|The seminal paper by Gerber and Shiu (1998) gave a huge boost to the study of risk theory by not only unifying but also generalizing the treatment and the analysis of various risk-related quantities in one single mathematical function - the Gerber-Shiu expected discounted penalty function, or Gerber-Shiu function in short. The Gerber-Shiu function is known to possess many nice properties, at least in the case of the classical compound Poisson risk model. For example, upon the introduction of a dividend barrier strategy, it was shown by Lin et al. (2003) and Gerber et al. (2006) that the Gerber-Shiu function with a barrier can be expressed in terms of the Gerber-Shiu function without a barrier and the expected value of discounted dividend payments. This result is the so-called dividends-penalty identity, and it holds true when the surplus process belongs to a class of Markov processes which are skip-free upwards. However, one stringent assumption of the model considered by the above authors is that all the interclaim times and the claim sizes are independent, which is in general not true in reality. In this thesis, we propose to analyze the Gerber-Shiu functions under various dependent structures. The main focus of the thesis is the risk model where claims follow a Markovian arrival process (MAP) (see, e.g., Latouche and Ramaswami (1999) and Neuts (1979, 1989)) in which the interclaim times and the claim sizes form a chain of dependent variables. The first part of the thesis puts emphasis on certain dividend strategies. In Chapter 2, it is shown that a matrix form of the dividends-penalty identity holds true in a MAP risk model perturbed by diffusion with the use of integro-differential equations and their solutions. Chapter 3 considers the dual MAP risk model which is a reflection of the ordinary MAP model. A threshold dividend strategy is applied to the model and various risk-related quantities are studied. Our methodology is based on an existing connection between the MAP risk model and a fluid queue (see, e.g., Asmussen et al. (2002), Badescu et al. (2005), Ramaswami (2006) and references therein).
The use of fluid flow techniques to analyze risk processes opens the door for further research as to what types of risk model with dependency structure can be studied via probabilistic arguments. In Chapter 4, we propose to analyze the Gerber-Shiu function and some discounted joint densities in a risk model where each pair of the interclaim time and the resulting claim size is assumed to follow a bivariate phase-type distribution, with the pairs assumed to be independent and identically distributed (i.i.d.). To this end, a novel fluid flow process is constructed to ease the analysis.

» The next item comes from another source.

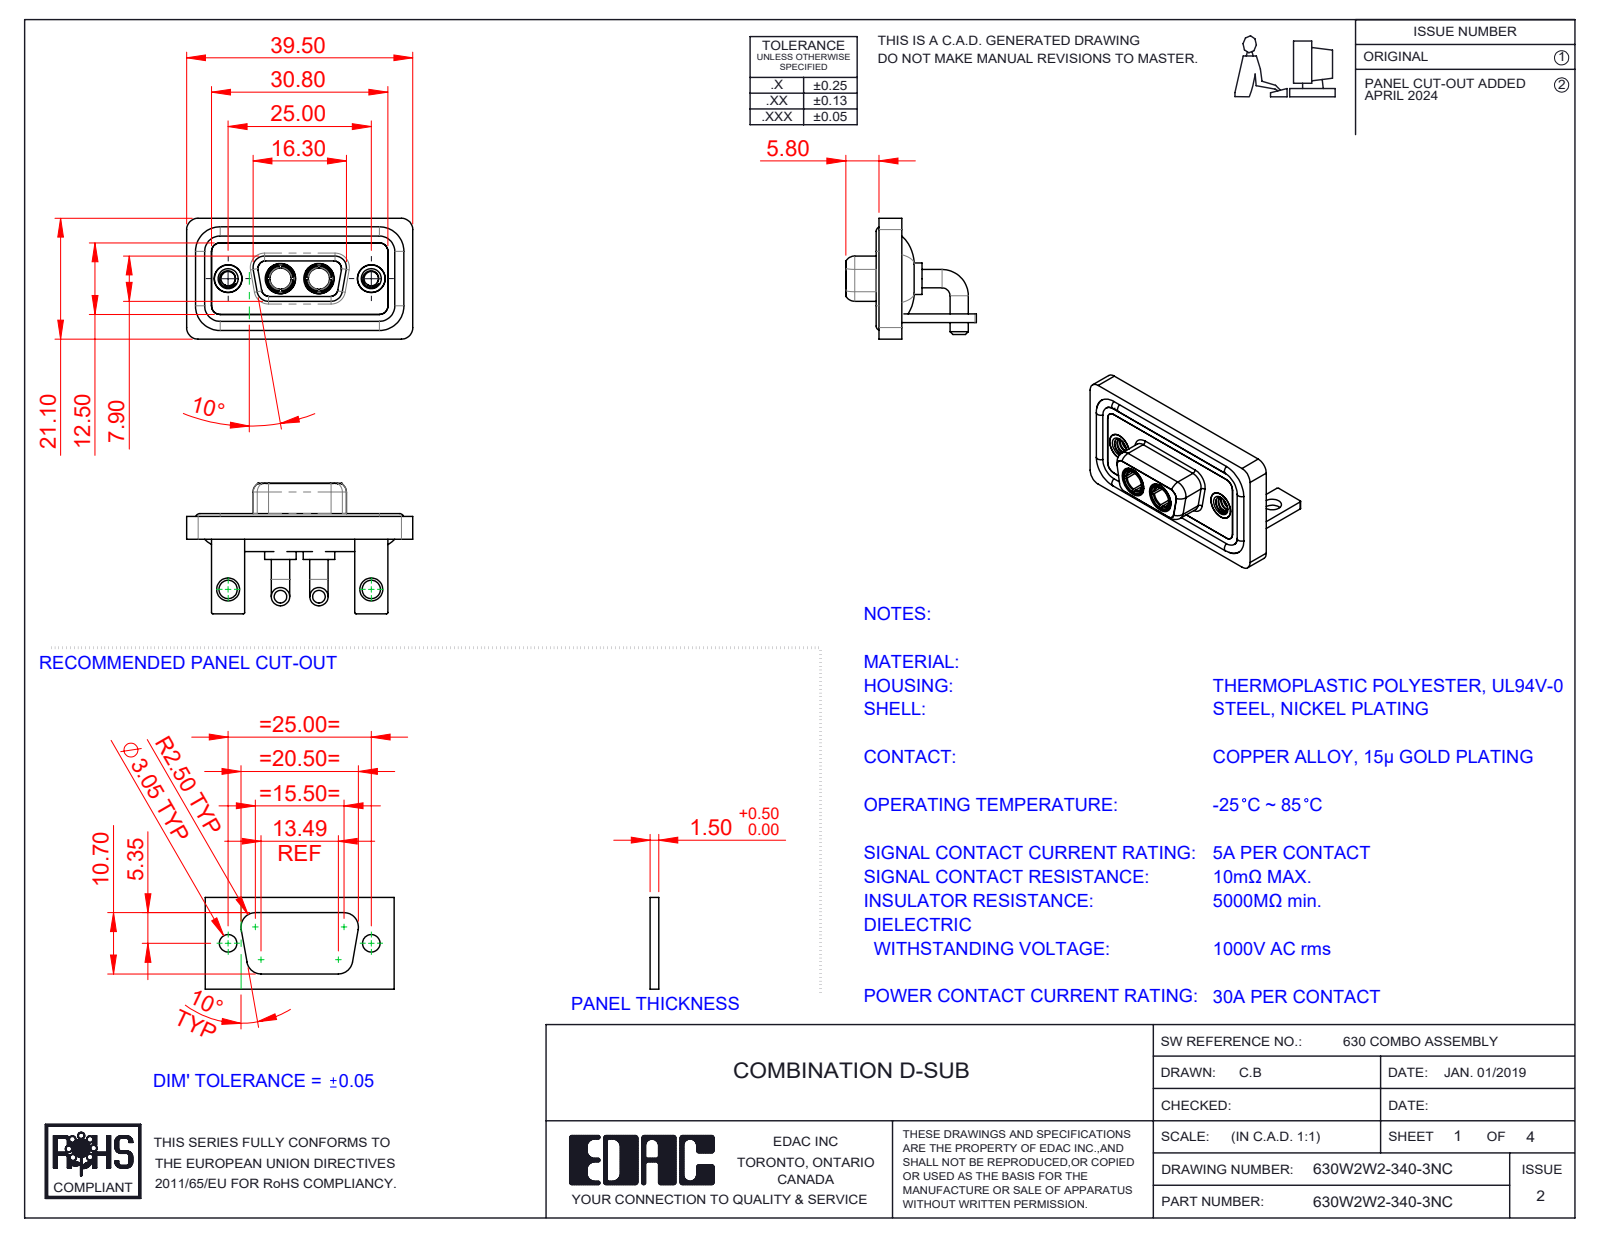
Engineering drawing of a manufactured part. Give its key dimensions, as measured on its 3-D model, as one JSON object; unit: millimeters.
{"part_name": "630Combo Housing_2W2; 630Combo Stabilizer Bracket_50 Contacts; Power Socket_30A RA; 630Combo Threaded Rivet_A (+4 more)", "step_written_by": "SolidWorks 2023 (CONFIG_CONTROL_DESIGN)", "units": "millimeters", "bodies": {"solids": 13, "faces": 584, "planar": 183, "cylindrical": 260, "other": 141}, "overall_size": [39.5, 22.8, 21.1], "volume_mm3": 5231, "surface_area_mm2": 8561, "round_holes": [[4.85, 4], [2.5, 2], [3.2, 2], [3.7, 2], [4, 2], [4.05, 2], [5, 2], [5.3, 2]], "round_bosses_or_shafts": [[3.2, 4], [1.6, 4], [5.5, 2], [5.2, 2], [4.96, 2], [4.95, 2], [4.8, 2], [4.75, 2]], "partial_cylinders_radius": [[2, 19], [1.5, 18], [0.25, 16], [1.35, 8], [1.6, 8], [0.5, 5], [0.6, 4], [0.65, 4]], "face_to_face_distances": [0.4, 2.9, 1.5, 1.8, 1.1, 3.7, 0.8, 2.5, 1.6, 3.1], "hole_center_spacings": [9.14, 15.86, 25, 6.72]}
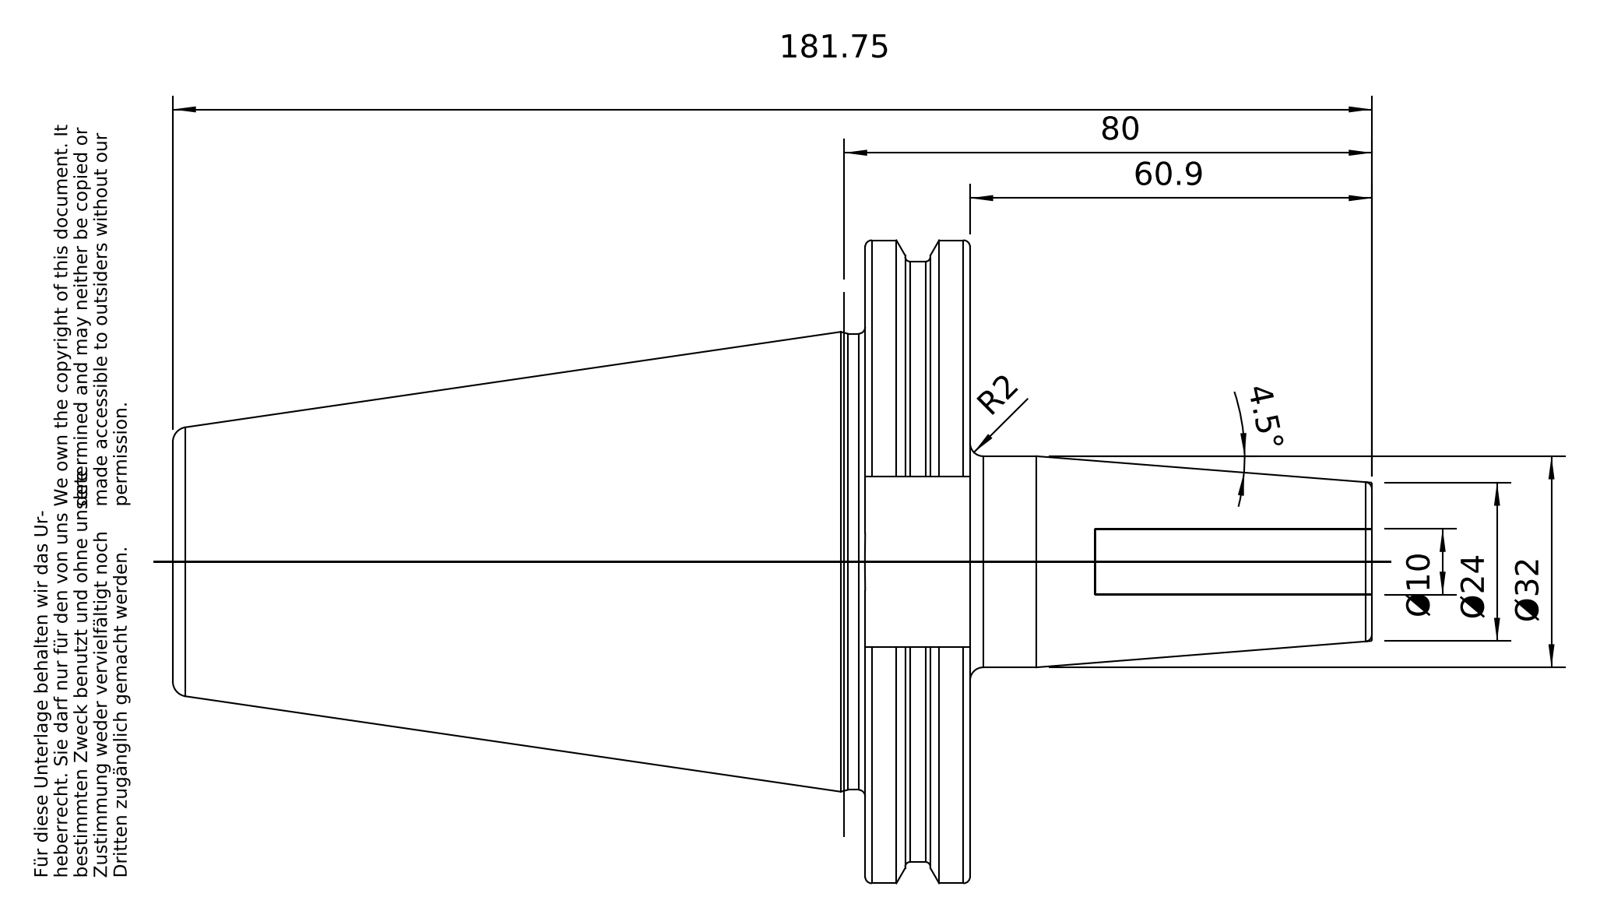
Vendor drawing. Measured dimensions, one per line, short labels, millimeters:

In the classical Gerber-Shiu function introduced by Gerber and Shiu (1998), the random variables incorporated into the analysis include the time of ruin, the surplus prior to ruin and the deficit at ruin. The later part of this thesis focuses on generalizing the classical Gerber-Shiu function by incorporating more random variables into the so-called penalty function. These include the surplus level immediately after the second last claim before ruin, the minimum surplus level before ruin and the maximum surplus level before ruin. In Chapter 5, the focus will be on the study of the generalized Gerber-Shiu function involving the first two new random variables in the context of a semi-Markovian risk model (see, e.g., Albrecher and Boxma (2005) and Janssen and Reinhard (1985)). It is shown that the generalized Gerber-Shiu function satisfies a matrix defective renewal equation, and some discounted joint densities involving the new variables are derived. Chapter 6 revisits the MAP risk model in which the generalized Gerber-Shiu function involving the maximum surplus before ruin is examined. In this case, the Gerber-Shiu function no longer satisfies a defective renewal equation. Instead, the generalized Gerber-Shiu function can be expressed in terms of the classical Gerber-Shiu function and the Laplace transform of a first passage time that are both readily obtainable.

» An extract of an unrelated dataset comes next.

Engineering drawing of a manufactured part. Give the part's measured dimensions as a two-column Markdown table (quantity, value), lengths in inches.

In a MAP risk model, the interclaim time distribution must be phase-type distributed. This leads us to propose a generalization of the MAP risk model by allowing for the interclaim time to have an arbitrary distribution. This is the subject matter of Chapter 7. Chapter 8 is concerned with the generalized Sparre Andersen risk model with surplus-dependent premium rate, and some ordering properties of certain ruin-related quantities are studied. Chapter 9 ends the thesis by some concluding remarks and directions for future research.